▶ **Recorded information**
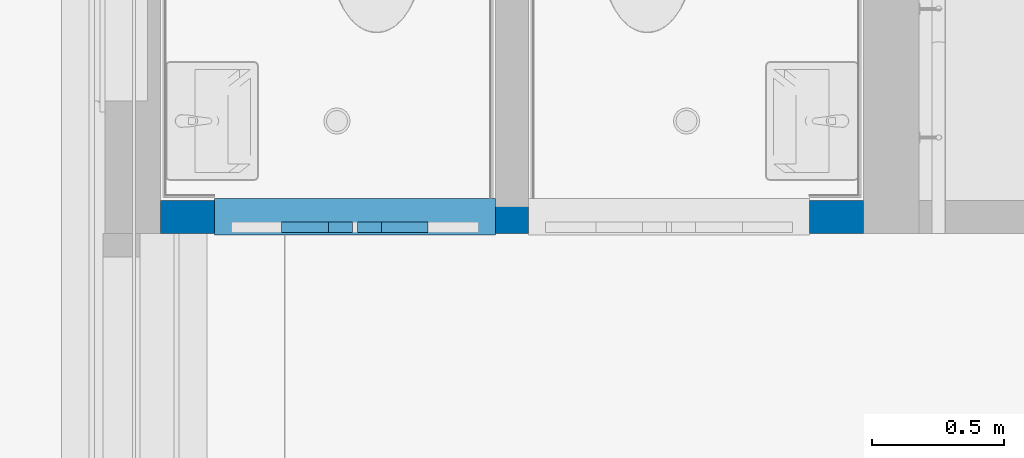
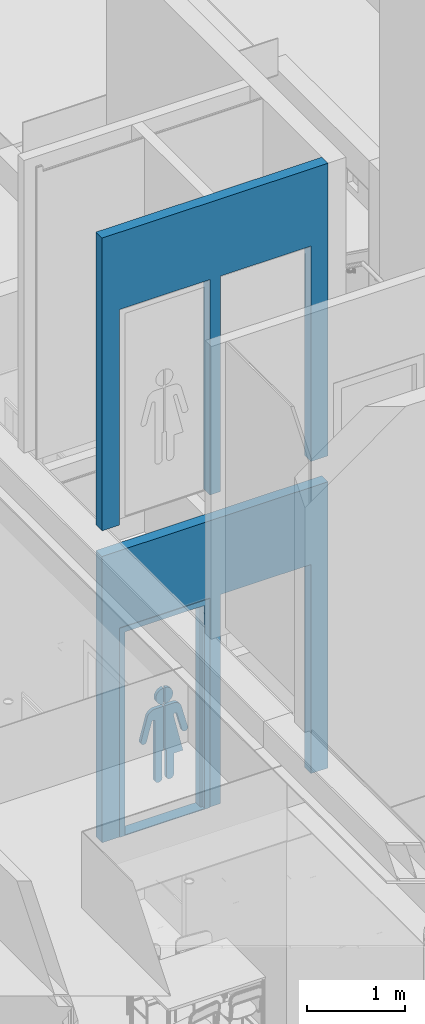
# One storey, part 54 of 347: 2 building element parts, 1 wall, 4 openings, 1 element without a shape of its own.
"""IFC2X3 building model written with IfcOpenShell, lengths in millimetres."""

from ifc_helpers import new_model, entity, si_unit, converted_unit, derived_unit, money_unit, direction, frame, origin_with_axes, place, context, subcontext, project, spatial, faceted_brep, source, transform, mapped, material, type_object, element, fill, aggregate, save


model = new_model("IFC2X3")

# Units and contexts
model_context = context("Model", 3, precision=0.01, world=origin_with_axes(), true_north=direction((0.0, 1.0)))
plan_context = context("Plan", 3, precision=0.01, world=origin_with_axes(), true_north=direction((0.0, 1.0)))
body_context = subcontext(model_context, "Body", "Model", "MODEL_VIEW")
ifc_project = project(units=[si_unit("LENGTHUNIT", "METRE", prefix="MILLI"), si_unit("AREAUNIT", "SQUARE_METRE"), si_unit("VOLUMEUNIT", "CUBIC_METRE"), converted_unit("PLANEANGLEUNIT", "DEGREE", entity("IfcPlaneAngleMeasure", 0.0174532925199), si_unit("PLANEANGLEUNIT", "RADIAN"), dimensions=[0, 0, 0, 0, 0, 0, 0]), money_unit("EUR"), converted_unit("TIMEUNIT", "Year", entity("IfcTimeMeasure", 31556926.0), si_unit("TIMEUNIT", "SECOND"), dimensions=[0, 0, 1, 0, 0, 0, 0]), si_unit("MASSUNIT", "GRAM", prefix="KILO"), si_unit("THERMODYNAMICTEMPERATUREUNIT", "DEGREE_CELSIUS"), si_unit("LUMINOUSINTENSITYUNIT", "LUMEN"), si_unit("ENERGYUNIT", "JOULE", prefix="MEGA"), derived_unit("THERMALCONDUCTANCEUNIT", [(si_unit("POWERUNIT", "WATT"), 1), (si_unit("LENGTHUNIT", "METRE"), -1), (si_unit("THERMODYNAMICTEMPERATUREUNIT", "KELVIN"), -1)]), derived_unit("SPECIFICHEATCAPACITYUNIT", [(si_unit("ENERGYUNIT", "JOULE"), 1), (si_unit("MASSUNIT", "GRAM", prefix="KILO"), -1), (si_unit("THERMODYNAMICTEMPERATUREUNIT", "KELVIN"), -1)]), derived_unit("MASSDENSITYUNIT", [(si_unit("MASSUNIT", "GRAM", prefix="KILO"), 1), (si_unit("VOLUMEUNIT", "CUBIC_METRE"), -1)])], contexts=[model_context, plan_context])

# Site, building, storey
site_placement = place(None, origin_with_axes())
site = spatial("IfcSite", under=ifc_project, at=site_placement, Name="Site", CompositionType="ELEMENT")
building_placement = place(site_placement, origin_with_axes())
building = spatial("IfcBuilding", under=site, at=building_placement, Name="Naam gebouw", CompositionType="ELEMENT")
storey_placement = place(building_placement, origin_with_axes())
storey = spatial("IfcBuildingStorey", under=building, at=storey_placement, Name="begane grond", CompositionType="ELEMENT", Elevation=0.0)

# Wall, openings, door, building element parts
ifc_material_1 = material(Name="ALG - LICHTE SCHEIDINGSWAND")
wall_type = type_object("IfcWallType", Name="ALG LSW 125 125", PredefinedType="NOTDEFINED")
wall_placement = place(storey_placement, frame((35705.0, 30074.9999277, 0.0), z_axis=(0.0, 0.0, 1.0), x_axis=(1.0, 0.0, 0.0)))
wall = element("IfcWall", 1, at=wall_placement, inside=storey, type_object=wall_type, material=ifc_material_1, Name="22_GF 125 ECO DGS/2.75.2A", context=body_context, shape_type="Brep", body=[
    faceted_brep([(1392.5, 125.0, 2600.0), (1392.5, 125.0, 0.0), (1267.5, 125.0, 0.0), (1267.5, 125.0, 2600.0), (203.5, 125.0, 2600.0), (203.5, 125.0, 0.0), (0.0, 125.0, 0.0), (0.0, 125.0, 3560.0), (2660.0, 125.0, 3560.0), (2660.0, 125.0, 0.0), (2456.5, 125.0, 0.0), (2456.5, 125.0, 2600.0), (1392.5, 0.0, 2600.0), (1392.5, 0.0, 0.0), (1267.5, 0.0, 0.0), (1267.5, 0.0, 2600.0), (203.5, 0.0, 2600.0), (203.5, 0.0, 0.0), (0.0, 0.0, 0.0), (0.0, 0.0, 3560.0), (2660.0, 0.0, 3560.0), (2660.0, 0.0, 0.0), (2456.5, 0.0, 0.0), (2456.5, 0.0, 2600.0)], [[[0, 1, 2, 3, 4, 5, 6, 7, 8, 9, 10, 11]], [[1, 0, 12, 13]], [[1, 13, 14, 2]], [[2, 14, 15, 3]], [[3, 15, 16, 4]], [[4, 16, 17, 5]], [[17, 18, 6, 5]], [[7, 6, 18, 19]], [[8, 7, 19, 20]], [[20, 21, 9, 8]], [[22, 10, 9, 21]], [[11, 10, 22, 23]], [[0, 11, 23, 12]], [[23, 22, 21, 20, 19, 18, 17, 16, 15, 14, 13, 12]]]),
    faceted_brep([(203.5, 125.0, 6560.0), (203.5, 125.0, 3960.0), (203.5, 125.0, 3880.0), (0.0, 125.0, 3880.0), (0.0, 125.0, 7520.0), (2660.0, 125.0, 7520.0), (2660.0, 125.0, 3880.0), (2456.5, 125.0, 3880.0), (2456.5, 125.0, 3960.0), (2456.5, 125.0, 6560.0), (1392.5, 125.0, 6560.0), (1392.5, 125.0, 3960.0), (1392.5, 125.0, 3880.0), (1267.5, 125.0, 3880.0), (1267.5, 125.0, 3960.0), (1267.5, 125.0, 6560.0), (203.5, 0.0, 6560.0), (203.5, 0.0, 3960.0), (203.5, 0.0, 3880.0), (0.0, 0.0, 3880.0), (0.0, 0.0, 7520.0), (2660.0, 0.0, 7520.0), (2660.0, 0.0, 3880.0), (2456.5, 0.0, 3880.0), (2456.5, 0.0, 3960.0), (2456.5, 0.0, 6560.0), (1392.5, 0.0, 6560.0), (1392.5, 0.0, 3960.0), (1392.5, 0.0, 3880.0), (1267.5, 0.0, 3880.0), (1267.5, 0.0, 3960.0), (1267.5, 0.0, 6560.0)], [[[0, 1, 2, 3, 4, 5, 6, 7, 8, 9, 10, 11, 12, 13, 14, 15]], [[1, 0, 16, 17]], [[1, 17, 18, 2]], [[18, 19, 3, 2]], [[19, 20, 4, 3]], [[4, 20, 21, 5]], [[6, 5, 21, 22]], [[7, 6, 22, 23]], [[8, 7, 23, 24]], [[8, 24, 25, 9]], [[9, 25, 26, 10]], [[10, 26, 27, 11]], [[27, 28, 12, 11]], [[28, 29, 13, 12]], [[30, 14, 13, 29]], [[15, 14, 30, 31]], [[0, 15, 31, 16]], [[31, 30, 29, 28, 27, 26, 25, 24, 23, 22, 21, 20, 19, 18, 17, 16]]]),
])
opening_1_placement = place(wall_placement, frame((735.5, 0.0, 0.0), z_axis=(0.0, 0.0, 1.0), x_axis=(1.0, 0.0, 0.0)))
opening_1 = element("IfcOpeningElement", 2, at=opening_1_placement, cuts=wall, Name="32_02.05", context=body_context, shape_type="Brep", body=[
    faceted_brep([(-532.0, 125.0, 2600.0), (-532.0, 125.0, 0.0), (-532.0, -257.0, 0.0), (-532.0, -257.0, 2600.0), (532.0, 125.0, 2600.0), (532.0, 125.0, 0.0), (532.0, -257.0, 0.0), (532.0, -257.0, 2600.0)], [[[0, 1, 2, 3]], [[0, 4, 5, 1]], [[1, 5, 6, 2]], [[3, 2, 6, 7]], [[4, 0, 3, 7]], [[5, 4, 7, 6]]]),
])
opening_2_placement = place(wall_placement, frame((1924.5, 0.0, 0.0), z_axis=(0.0, 0.0, 1.0), x_axis=(1.0, 0.0, 0.0)))
element("IfcOpeningElement", 3, at=opening_2_placement, cuts=wall, Name="32_02.05", context=body_context, shape_type="Brep", body=[
    faceted_brep([(-532.0, 125.0, 2600.0), (-532.0, 125.0, 0.0), (-532.0, -257.0, 0.0), (-532.0, -257.0, 2600.0), (532.0, 125.0, 2600.0), (532.0, 125.0, 0.0), (532.0, -257.0, 0.0), (532.0, -257.0, 2600.0)], [[[0, 1, 2, 3]], [[0, 4, 5, 1]], [[1, 5, 6, 2]], [[3, 2, 6, 7]], [[4, 0, 3, 7]], [[5, 4, 7, 6]]]),
])
opening_3_placement = place(wall_placement, frame((1924.5, 0.0, 3960.0), z_axis=(0.0, 0.0, 1.0), x_axis=(1.0, 0.0, 0.0)))
element("IfcOpeningElement", 4, at=opening_3_placement, cuts=wall, Name="32_02.05", context=body_context, shape_type="Brep", body=[
    faceted_brep([(-532.0, -125.0, 0.0), (-532.0, -125.0, 2600.0), (-532.0, 257.0, 2600.0), (-532.0, 257.0, 0.0), (532.0, -125.0, 0.0), (532.0, -125.0, 2600.0), (532.0, 257.0, 2600.0), (532.0, 257.0, 0.0)], [[[0, 1, 2, 3]], [[0, 4, 5, 1]], [[1, 5, 6, 2]], [[3, 2, 6, 7]], [[4, 0, 3, 7]], [[5, 4, 7, 6]]]),
])
opening_4_placement = place(wall_placement, frame((735.5, 0.0, 3960.0), z_axis=(0.0, 0.0, 1.0), x_axis=(1.0, 0.0, 0.0)))
element("IfcOpeningElement", 5, at=opening_4_placement, cuts=wall, Name="32_02.05", context=body_context, shape_type="Brep", body=[
    faceted_brep([(-532.0, -125.0, 0.0), (-532.0, -125.0, 2600.0), (-532.0, 257.0, 2600.0), (-532.0, 257.0, 0.0), (532.0, -125.0, 0.0), (532.0, -125.0, 2600.0), (532.0, 257.0, 2600.0), (532.0, 257.0, 0.0)], [[[0, 1, 2, 3]], [[0, 4, 5, 1]], [[1, 5, 6, 2]], [[3, 2, 6, 7]], [[4, 0, 3, 7]], [[5, 4, 7, 6]]]),
])
door_style = type_object("IfcDoorStyle", Name="D1 25", ConstructionType="NOTDEFINED", OperationType="SINGLE_SWING_RIGHT", ParameterTakesPrecedence=False, Sizeable=False)
door_placement = place(opening_1_placement, frame((532.0, 0.0, 0.0), z_axis=(0.0, 0.0, 1.0), x_axis=(-1.0, 0.0, 0.0)))
door = element("IfcDoor", 6, at=door_placement, inside=storey, type_object=door_style, Name="32_02.05", ObjectType="DOOR", OverallHeight=2600.0, OverallWidth=1064.0)
fill(opening_1, door)
shared_shape_1 = source(origin_with_axes(), body_context, "Body", "Brep", [
    faceted_brep([(-467.0, -40.0, 10.0), (-442.0, -40.0, 10.0), (-442.0, -139.0, 10.0), (442.0, -139.0, 10.0), (442.0, -40.0, 10.0), (467.0, -40.0, 10.0), (467.0, 0.0, 10.0), (-467.0, 0.0, 10.0), (-467.0, -40.0, 0.0), (-442.0, -40.0, 0.0), (-442.0, -139.0, 0.0), (442.0, -139.0, 0.0), (442.0, -40.0, 0.0), (467.0, -40.0, 0.0), (467.0, 0.0, 0.0), (-467.0, 0.0, 0.0)], [[[0, 1, 2, 3, 4, 5, 6, 7]], [[1, 0, 8, 9]], [[10, 2, 1, 9]], [[2, 10, 11, 3]], [[3, 11, 12, 4]], [[5, 4, 12, 13]], [[13, 14, 6, 5]], [[15, 7, 6, 14]], [[8, 0, 7, 15]], [[9, 8, 15, 14, 13, 12, 11, 10]]]),
    faceted_brep([(-442.0, -50.0, 0.0), (-442.0, -50.0, 2510.0), (-442.0, -139.0, 2510.0), (-442.0, -139.0, 0.0), (-467.0, -50.0, 2510.0), (-467.0, -50.0, 0.0), (-467.0, 0.0, 2510.0), (-532.0, 0.0, 2510.0), (-532.0, -139.0, 2510.0), (-532.0, -139.0, 0.0), (-532.0, 0.0, 0.0), (-467.0, 0.0, 0.0)], [[[0, 1, 2, 3]], [[4, 1, 0, 5]], [[4, 6, 7, 8, 2, 1]], [[3, 2, 8, 9]], [[5, 0, 3, 9, 10, 11]], [[6, 4, 5, 11]], [[6, 11, 10, 7]], [[10, 9, 8, 7]]]),
    faceted_brep([(467.0, -50.0, 2510.0), (442.0, -50.0, 2510.0), (442.0, -139.0, 2510.0), (532.0, -139.0, 2510.0), (532.0, 0.0, 2510.0), (467.0, 0.0, 2510.0), (467.0, -50.0, 0.0), (442.0, -50.0, 0.0), (442.0, -139.0, 0.0), (532.0, -139.0, 0.0), (532.0, 0.0, 0.0), (467.0, 0.0, 0.0)], [[[0, 1, 2, 3, 4, 5]], [[1, 0, 6, 7]], [[1, 7, 8, 2]], [[3, 2, 8, 9]], [[4, 3, 9, 10]], [[11, 5, 4, 10]], [[0, 5, 11, 6]], [[6, 11, 10, 9, 8, 7]]]),
    faceted_brep([(-467.0, 0.0, 2535.0), (-467.0, 0.0, 2510.0), (-532.0, 0.0, 2510.0), (-532.0, 0.0, 2600.0), (532.0, 0.0, 2600.0), (532.0, 0.0, 2510.0), (467.0, 0.0, 2510.0), (467.0, 0.0, 2535.0), (-467.0, -50.0, 2535.0), (-467.0, -50.0, 2510.0), (-442.0, -50.0, 2510.0), (-442.0, -139.0, 2510.0), (-532.0, -139.0, 2510.0), (-532.0, -139.0, 2600.0), (532.0, -139.0, 2600.0), (532.0, -139.0, 2510.0), (467.0, -50.0, 2510.0), (442.0, -139.0, 2510.0), (442.0, -50.0, 2510.0), (467.0, -50.0, 2535.0)], [[[0, 1, 2, 3, 4, 5, 6, 7]], [[1, 0, 8, 9]], [[9, 10, 11, 12, 2, 1]], [[2, 12, 13, 3]], [[3, 13, 14, 4]], [[4, 14, 15, 5]], [[16, 6, 5, 15, 17, 18]], [[7, 6, 16, 19]], [[0, 7, 19, 8]], [[16, 18, 10, 9, 8, 19]], [[10, 18, 17, 11]], [[17, 15, 14, 13, 12, 11]]]),
])
building_element_part_1_placement = place(door_placement, origin_with_axes())
building_element_part_1 = element("IfcBuildingElementPart", 7, at=building_element_part_1_placement, context=body_context, shape_type="MappedRepresentation", body=[
    mapped(shared_shape_1, transform((532.0, 7.0, 0.0))),
])
ifc_material_2 = material(Name="Glas sticker")
shared_shape_2 = source(origin_with_axes(), body_context, "Body", "Brep", [
    faceted_brep([(201.58891637, -10.0, 1368.954906), (201.58891637, -50.0, 1368.954906), (276.62552127, -50.0, 1088.44895872), (276.62552127, -10.0, 1088.44895872), (195.949154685, -10.0, 1385.59511164), (195.949154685, -50.0, 1385.59511164), (187.162658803, -50.0, 1400.83915132), (175.866957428, -50.0, 1414.32329606), (162.405264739, -50.0, 1425.63783693), (147.186607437, -50.0, 1434.43898735), (130.673396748, -50.0, 1440.4593288), (113.367378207, -50.0, 1443.51593625), (104.580882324, -50.0, 1443.51593625), (10.0430200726, -50.0, 1443.51593625), (10.0430200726, -50.0, 890.229090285), (25.1075218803, -50.0, 890.229090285), (25.1075218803, -50.0, 563.286854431), (24.6932816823, -50.0, 557.54197595), (25.5217620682, -50.0, 550.06099695), (27.6345513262, -50.0, 542.8377749), (30.9674534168, -50.0, 536.091783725), (35.4191998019, -50.0, 530.027996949), (40.8545264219, -50.0, 524.830659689), (47.1082836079, -50.0, 520.657690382), (53.9904541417, -50.0, 517.635882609), (61.2919267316, -50.0, 515.857052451), (68.790849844, -50.0, 515.375248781), (76.2593724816, -50.0, 516.205110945), (83.4705673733, -50.0, 518.321424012), (90.2053260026, -50.0, 521.659884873), (96.2590161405, -50.0, 526.119056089), (101.447699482, -50.0, 531.563447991), (105.613720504, -50.0, 537.827635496), (108.630496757, -50.0, 544.721284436), (110.406365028, -50.0, 552.034934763), (110.887366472, -50.0, 559.546364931), (110.473126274, -50.0, 563.286854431), (110.473126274, -50.0, 1292.61952191), (110.695072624, -50.0, 1294.3081838), (111.717711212, -50.0, 1297.5569887), (113.288023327, -50.0, 1300.57856146), (115.358295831, -50.0, 1303.2810931), (117.865624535, -50.0, 1305.58246859), (120.733825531, -50.0, 1307.41276178), (123.875749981, -50.0, 1308.71636013), (127.195932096, -50.0, 1309.45365449), (130.593489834, -50.0, 1309.60224253), (133.965190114, -50.0, 1309.15760948), (137.208585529, -50.0, 1308.13326528), (140.225127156, -50.0, 1306.56033414), (142.923158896, -50.0, 1304.48660874), (145.220702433, -50.0, 1301.97509819), (147.047948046, -50.0, 1299.10211348), (148.349375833, -50.0, 1295.95494878), (149.011836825, -50.0, 1292.61952191), (207.923578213, -50.0, 1073.19870026), (208.722214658, -50.0, 1070.21469297), (211.322258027, -50.0, 1064.63143877), (214.850708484, -50.0, 1059.58525256), (219.200355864, -50.0, 1055.22946015), (224.239038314, -50.0, 1051.6964101), (229.813658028, -50.0, 1049.09345233), (235.754833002, -50.0, 1047.49967641), (241.882043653, -50.0, 1046.96350842), (248.009117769, -50.0, 1047.50123953), (253.949887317, -50.0, 1049.09653107), (259.523845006, -50.0, 1051.70091091), (264.561628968, -50.0, 1055.23524628), (268.910168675, -50.0, 1059.59214821), (272.437335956, -50.0, 1064.63923441), (275.035959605, -50.0, 1070.22315174), (276.627081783, -50.0, 1076.17423568), (277.162357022, -50.0, 1082.31166558), (277.162357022, -10.0, 1082.31166558), (276.627081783, -10.0, 1076.17423568), (275.035959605, -10.0, 1070.22315174), (272.437335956, -10.0, 1064.63923441), (268.910168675, -10.0, 1059.59214821), (264.561628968, -10.0, 1055.23524628), (259.523845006, -10.0, 1051.70091091), (253.949887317, -10.0, 1049.09653107), (248.009117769, -10.0, 1047.50123953), (241.882043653, -10.0, 1046.96350842), (235.754833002, -10.0, 1047.49967641), (229.813658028, -10.0, 1049.09345233), (224.239038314, -10.0, 1051.6964101), (219.200355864, -10.0, 1055.22946015), (214.850708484, -10.0, 1059.58525256), (211.322258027, -10.0, 1064.63143877), (208.722214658, -10.0, 1070.21469297), (207.923578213, -10.0, 1073.19870026), (149.011836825, -10.0, 1292.61952191), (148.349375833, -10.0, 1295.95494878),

▶ **Task prompt**
Show every line from the listing that contains "under".

▶ **Expected output**
site = spatial("IfcSite", under=ifc_project, at=site_placement, Name="Site", CompositionType="ELEMENT")
building = spatial("IfcBuilding", under=site, at=building_placement, Name="Naam gebouw", CompositionType="ELEMENT")
storey = spatial("IfcBuildingStorey", under=building, at=storey_placement, Name="begane grond", CompositionType="ELEMENT", Elevation=0.0)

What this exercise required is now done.